> **What you should do**
Find the line holding "#45512=EDGE_CURVE('',#35911,#35909,#20436,.T.);" in the entries below. Give it again exactly, along with every line after it up to and including the line holding "#63537=ORIENTED_EDGE('',*,*,#45953,.F.);".

> **Recorded information**
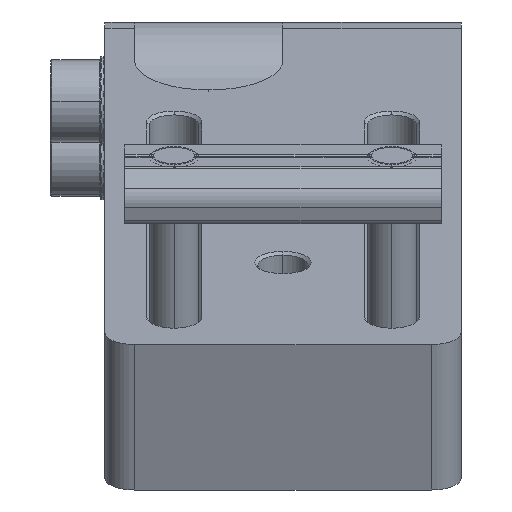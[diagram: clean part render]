
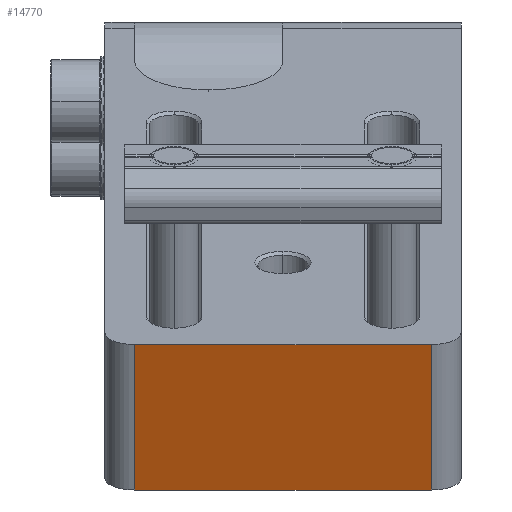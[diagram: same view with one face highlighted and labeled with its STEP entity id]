
A CAD part, left-side view. The second image highlights one B-rep face of the part: STEP entity #14770.
In plain terms, the highlighted planar face has unit normal (-0.919, 0, -0.395).
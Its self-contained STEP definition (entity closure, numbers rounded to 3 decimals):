
#408 = ORIENTED_EDGE ( 'NONE', *, *, #28853, .T. ) ;
#2255 = VECTOR ( 'NONE', #37506, 1000. ) ;
#2818 = VECTOR ( 'NONE', #42480, 1000. ) ;
#4728 = VERTEX_POINT ( 'NONE', #38109 ) ;
#6320 = CARTESIAN_POINT ( 'NONE',  ( -222.396, -1.566, 30.412 ) ) ;
#6602 = VERTEX_POINT ( 'NONE', #19368 ) ;
#7233 = CARTESIAN_POINT ( 'NONE',  ( -219.24, -1.566, 23.061 ) ) ;
#8040 = CARTESIAN_POINT ( 'NONE',  ( -216.084, 13.434, 15.71 ) ) ;
#9128 = CARTESIAN_POINT ( 'NONE',  ( -222.396, 13.434, 30.412 ) ) ;
#9683 = CARTESIAN_POINT ( 'NONE',  ( -216.084, -1.566, 15.71 ) ) ;
#11054 = PLANE ( 'NONE',  #41888 ) ;
#11121 = DIRECTION ( 'NONE',  ( 0., -1., 0. ) ) ;
#11277 = ORIENTED_EDGE ( 'NONE', *, *, #41549, .F. ) ;
#11703 = LINE ( 'NONE', #9128, #2818 ) ;
#13218 = ORIENTED_EDGE ( 'NONE', *, *, #15627, .T. ) ;
#13403 = ORIENTED_EDGE ( 'NONE', *, *, #36731, .F. ) ;
#14770 = ADVANCED_FACE ( 'NONE', ( #43178 ), #11054, .F. ) ;
#15138 = EDGE_LOOP ( 'NONE', ( #13403, #11277, #408, #13218 ) ) ;
#15627 = EDGE_CURVE ( 'NONE', #19030, #41089, #17479, .T. ) ;
#17389 = DIRECTION ( 'NONE',  ( 0.919, 0., 0.395 ) ) ;
#17394 = VECTOR ( 'NONE', #11121, 1000. ) ;
#17479 = LINE ( 'NONE', #7233, #2255 ) ;
#19030 = VERTEX_POINT ( 'NONE', #9683 ) ;
#19368 = CARTESIAN_POINT ( 'NONE',  ( -216.084, 28.434, 15.71 ) ) ;
#23865 = DIRECTION ( 'NONE',  ( 0.395, 0., -0.919 ) ) ;
#24692 = DIRECTION ( 'NONE',  ( -0.395, 0., 0.919 ) ) ;
#28434 = CARTESIAN_POINT ( 'NONE',  ( -219.24, 28.434, 23.061 ) ) ;
#28853 = EDGE_CURVE ( 'NONE', #6602, #19030, #37748, .T. ) ;
#30949 = CARTESIAN_POINT ( 'NONE',  ( -222.396, -1.566, 30.412 ) ) ;
#36731 = EDGE_CURVE ( 'NONE', #4728, #41089, #11703, .T. ) ;
#37506 = DIRECTION ( 'NONE',  ( -0.395, 0., 0.919 ) ) ;
#37560 = LINE ( 'NONE', #28434, #42779 ) ;
#37748 = LINE ( 'NONE', #8040, #17394 ) ;
#38109 = CARTESIAN_POINT ( 'NONE',  ( -222.396, 28.434, 30.412 ) ) ;
#41089 = VERTEX_POINT ( 'NONE', #6320 ) ;
#41549 = EDGE_CURVE ( 'NONE', #6602, #4728, #37560, .T. ) ;
#41888 = AXIS2_PLACEMENT_3D ( 'NONE', #30949, #17389, #23865 ) ;
#42480 = DIRECTION ( 'NONE',  ( 0., -1., 0. ) ) ;
#42779 = VECTOR ( 'NONE', #24692, 1000. ) ;
#43178 = FACE_OUTER_BOUND ( 'NONE', #15138, .T. ) ;
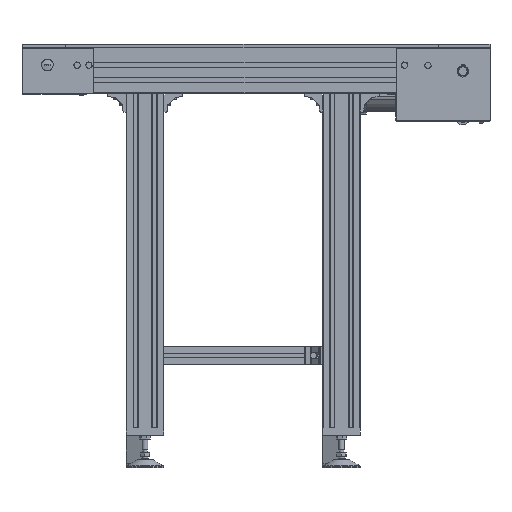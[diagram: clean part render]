
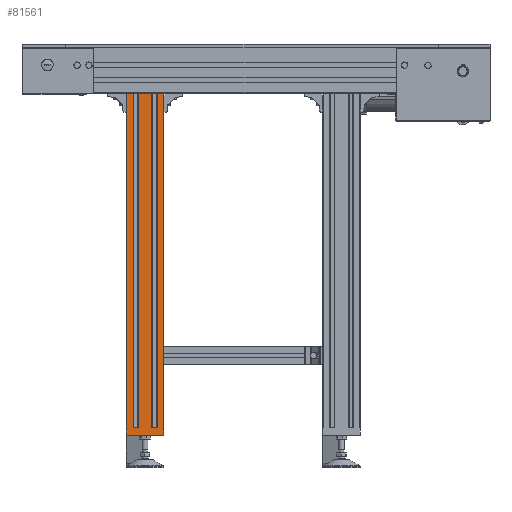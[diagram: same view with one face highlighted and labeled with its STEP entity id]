
A CAD part, front view. The second image highlights one B-rep face of the part: STEP entity #81561.
In plain terms, the highlighted planar face has unit normal (0, -1, 0).
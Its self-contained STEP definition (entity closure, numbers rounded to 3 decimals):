
#8602=FACE_OUTER_BOUND('',#13427,.T.);
#13427=EDGE_LOOP('',(#63527,#63528,#63529,#63530,#63531,#63532,#63533,#63534,
#63535,#63536,#63537,#63538,#63539,#63540,#63541,#63542));
#16607=LINE('',#116316,#24248);
#16623=LINE('',#116360,#24264);
#16639=LINE('',#116404,#24280);
#20128=LINE('',#128715,#27769);
#20436=LINE('',#130126,#28077);
#20453=LINE('',#130172,#28094);
#20469=LINE('',#130217,#28110);
#20470=LINE('',#130221,#28111);
#20534=LINE('',#130402,#28175);
#20580=LINE('',#130675,#28221);
#20786=LINE('',#131107,#28427);
#20787=LINE('',#131109,#28428);
#20788=LINE('',#131110,#28429);
#20789=LINE('',#131111,#28430);
#20790=LINE('',#131112,#28431);
#20791=LINE('',#131113,#28432);
#24248=VECTOR('',#93579,13.45);
#24264=VECTOR('',#93607,28.9);
#24280=VECTOR('',#93635,13.45);
#27769=VECTOR('',#102986,15.);
#28077=VECTOR('',#103958,1.);
#28094=VECTOR('',#103989,11.1);
#28110=VECTOR('',#104019,11.1);
#28111=VECTOR('',#104024,1.);
#28175=VECTOR('',#104154,80.);
#28221=VECTOR('',#104330,15.);
#28427=VECTOR('',#104864,715.);
#28428=VECTOR('',#104867,715.);
#28429=VECTOR('',#104868,715.);
#28430=VECTOR('',#104869,715.);
#28431=VECTOR('',#104870,715.);
#28432=VECTOR('',#104871,715.);
#32024=VERTEX_POINT('',#116313);
#32025=VERTEX_POINT('',#116315);
#32046=VERTEX_POINT('',#116357);
#32047=VERTEX_POINT('',#116359);
#32068=VERTEX_POINT('',#116401);
#32069=VERTEX_POINT('',#116403);
#35463=VERTEX_POINT('',#128712);
#35464=VERTEX_POINT('',#128714);
#35909=VERTEX_POINT('',#130122);
#35911=VERTEX_POINT('',#130125);
#35913=VERTEX_POINT('',#130130);
#35933=VERTEX_POINT('',#130170);
#35935=VERTEX_POINT('',#130175);
#35955=VERTEX_POINT('',#130215);
#35956=VERTEX_POINT('',#130219);
#36040=VERTEX_POINT('',#130400);
#39916=EDGE_CURVE('',#32024,#32025,#16607,.T.);
#39938=EDGE_CURVE('',#32046,#32047,#16623,.T.);
#39960=EDGE_CURVE('',#32068,#32069,#16639,.T.);
#44956=EDGE_CURVE('',#35464,#35463,#20128,.T.);
#45512=EDGE_CURVE('',#35911,#35909,#20436,.T.);
#45535=EDGE_CURVE('',#35913,#35933,#20453,.T.);
#45557=EDGE_CURVE('',#35935,#35955,#20469,.T.);
#45559=EDGE_CURVE('',#35956,#35464,#20470,.T.);
#45649=EDGE_CURVE('',#35463,#36040,#20534,.T.);
#45730=EDGE_CURVE('',#35911,#36040,#20580,.T.);
#45948=EDGE_CURVE('',#35909,#32069,#20786,.T.);
#45949=EDGE_CURVE('',#35913,#32068,#20787,.T.);
#45950=EDGE_CURVE('',#35933,#32047,#20788,.T.);
#45951=EDGE_CURVE('',#35935,#32046,#20789,.T.);
#45952=EDGE_CURVE('',#35955,#32025,#20790,.T.);
#45953=EDGE_CURVE('',#35956,#32024,#20791,.T.);
#63527=ORIENTED_EDGE('',*,*,#45948,.T.);
#63528=ORIENTED_EDGE('',*,*,#39960,.F.);
#63529=ORIENTED_EDGE('',*,*,#45949,.F.);
#63530=ORIENTED_EDGE('',*,*,#45535,.T.);
#63531=ORIENTED_EDGE('',*,*,#45950,.T.);
#63532=ORIENTED_EDGE('',*,*,#39938,.F.);
#63533=ORIENTED_EDGE('',*,*,#45951,.F.);
#63534=ORIENTED_EDGE('',*,*,#45557,.T.);
#63535=ORIENTED_EDGE('',*,*,#45952,.T.);
#63536=ORIENTED_EDGE('',*,*,#39916,.F.);
#63537=ORIENTED_EDGE('',*,*,#45953,.F.);
#63538=ORIENTED_EDGE('',*,*,#45559,.T.);
#63539=ORIENTED_EDGE('',*,*,#44956,.T.);
#63540=ORIENTED_EDGE('',*,*,#45649,.T.);
#63541=ORIENTED_EDGE('',*,*,#45730,.F.);
#63542=ORIENTED_EDGE('',*,*,#45512,.T.);
#73617=PLANE('',#87813);
#81561=ADVANCED_FACE('',(#8602),#73617,.T.);
#87813=AXIS2_PLACEMENT_3D('',#131108,#104865,#104866);
#93579=DIRECTION('',(1.,0.,0.));
#93607=DIRECTION('',(1.,0.,0.));
#93635=DIRECTION('',(1.,0.,0.));
#102986=DIRECTION('',(0.,0.,-1.));
#103958=DIRECTION('',(-1.,0.,0.));
#103989=DIRECTION('',(-1.,0.,0.));
#104019=DIRECTION('',(-1.,0.,0.));
#104024=DIRECTION('',(-1.,0.,0.));
#104154=DIRECTION('',(1.,0.,0.));
#104330=DIRECTION('',(0.,0.,-1.));
#104864=DIRECTION('',(0.,0.,1.));
#104865=DIRECTION('center_axis',(0.,-1.,0.));
#104866=DIRECTION('ref_axis',(1.,0.,0.));
#104867=DIRECTION('',(0.,0.,1.));
#104868=DIRECTION('',(0.,0.,1.));
#104869=DIRECTION('',(0.,0.,1.));
#104870=DIRECTION('',(0.,0.,1.));
#104871=DIRECTION('',(0.,0.,1.));
#116313=CARTESIAN_POINT('',(224.,-125.,1.45));
#116315=CARTESIAN_POINT('',(237.45,-125.,1.45));
#116316=CARTESIAN_POINT('',(224.,-125.,1.45));
#116357=CARTESIAN_POINT('',(248.55,-125.,1.45));
#116359=CARTESIAN_POINT('',(277.45,-125.,1.45));
#116360=CARTESIAN_POINT('',(248.55,-125.,1.45));
#116401=CARTESIAN_POINT('',(288.55,-125.,1.45));
#116403=CARTESIAN_POINT('',(302.,-125.,1.45));
#116404=CARTESIAN_POINT('',(288.55,-125.,1.45));
#128712=CARTESIAN_POINT('',(223.,-125.,-728.55));
#128714=CARTESIAN_POINT('',(223.,-125.,-713.55));
#128715=CARTESIAN_POINT('',(223.,-125.,-713.55));
#130122=CARTESIAN_POINT('',(302.,-125.,-713.55));
#130125=CARTESIAN_POINT('',(303.,-125.,-713.55));
#130126=CARTESIAN_POINT('',(303.,-125.,-713.55));
#130130=CARTESIAN_POINT('',(288.55,-125.,-713.55));
#130170=CARTESIAN_POINT('',(277.45,-125.,-713.55));
#130172=CARTESIAN_POINT('',(303.,-125.,-713.55));
#130175=CARTESIAN_POINT('',(248.55,-125.,-713.55));
#130215=CARTESIAN_POINT('',(237.45,-125.,-713.55));
#130217=CARTESIAN_POINT('',(303.,-125.,-713.55));
#130219=CARTESIAN_POINT('',(224.,-125.,-713.55));
#130221=CARTESIAN_POINT('',(303.,-125.,-713.55));
#130400=CARTESIAN_POINT('',(303.,-125.,-728.55));
#130402=CARTESIAN_POINT('',(303.,-125.,-728.55));
#130675=CARTESIAN_POINT('',(303.,-125.,-713.55));
#131107=CARTESIAN_POINT('',(302.,-125.,-713.55));
#131108=CARTESIAN_POINT('Origin',(288.55,-125.,-713.55));
#131109=CARTESIAN_POINT('',(288.55,-125.,-713.55));
#131110=CARTESIAN_POINT('',(277.45,-125.,-713.55));
#131111=CARTESIAN_POINT('',(248.55,-125.,-713.55));
#131112=CARTESIAN_POINT('',(237.45,-125.,-713.55));
#131113=CARTESIAN_POINT('',(224.,-125.,-713.55));

> **Solution to the problem**
#45512=EDGE_CURVE('',#35911,#35909,#20436,.T.);
#45535=EDGE_CURVE('',#35913,#35933,#20453,.T.);
#45557=EDGE_CURVE('',#35935,#35955,#20469,.T.);
#45559=EDGE_CURVE('',#35956,#35464,#20470,.T.);
#45649=EDGE_CURVE('',#35463,#36040,#20534,.T.);
#45730=EDGE_CURVE('',#35911,#36040,#20580,.T.);
#45948=EDGE_CURVE('',#35909,#32069,#20786,.T.);
#45949=EDGE_CURVE('',#35913,#32068,#20787,.T.);
#45950=EDGE_CURVE('',#35933,#32047,#20788,.T.);
#45951=EDGE_CURVE('',#35935,#32046,#20789,.T.);
#45952=EDGE_CURVE('',#35955,#32025,#20790,.T.);
#45953=EDGE_CURVE('',#35956,#32024,#20791,.T.);
#63527=ORIENTED_EDGE('',*,*,#45948,.T.);
#63528=ORIENTED_EDGE('',*,*,#39960,.F.);
#63529=ORIENTED_EDGE('',*,*,#45949,.F.);
#63530=ORIENTED_EDGE('',*,*,#45535,.T.);
#63531=ORIENTED_EDGE('',*,*,#45950,.T.);
#63532=ORIENTED_EDGE('',*,*,#39938,.F.);
#63533=ORIENTED_EDGE('',*,*,#45951,.F.);
#63534=ORIENTED_EDGE('',*,*,#45557,.T.);
#63535=ORIENTED_EDGE('',*,*,#45952,.T.);
#63536=ORIENTED_EDGE('',*,*,#39916,.F.);
#63537=ORIENTED_EDGE('',*,*,#45953,.F.);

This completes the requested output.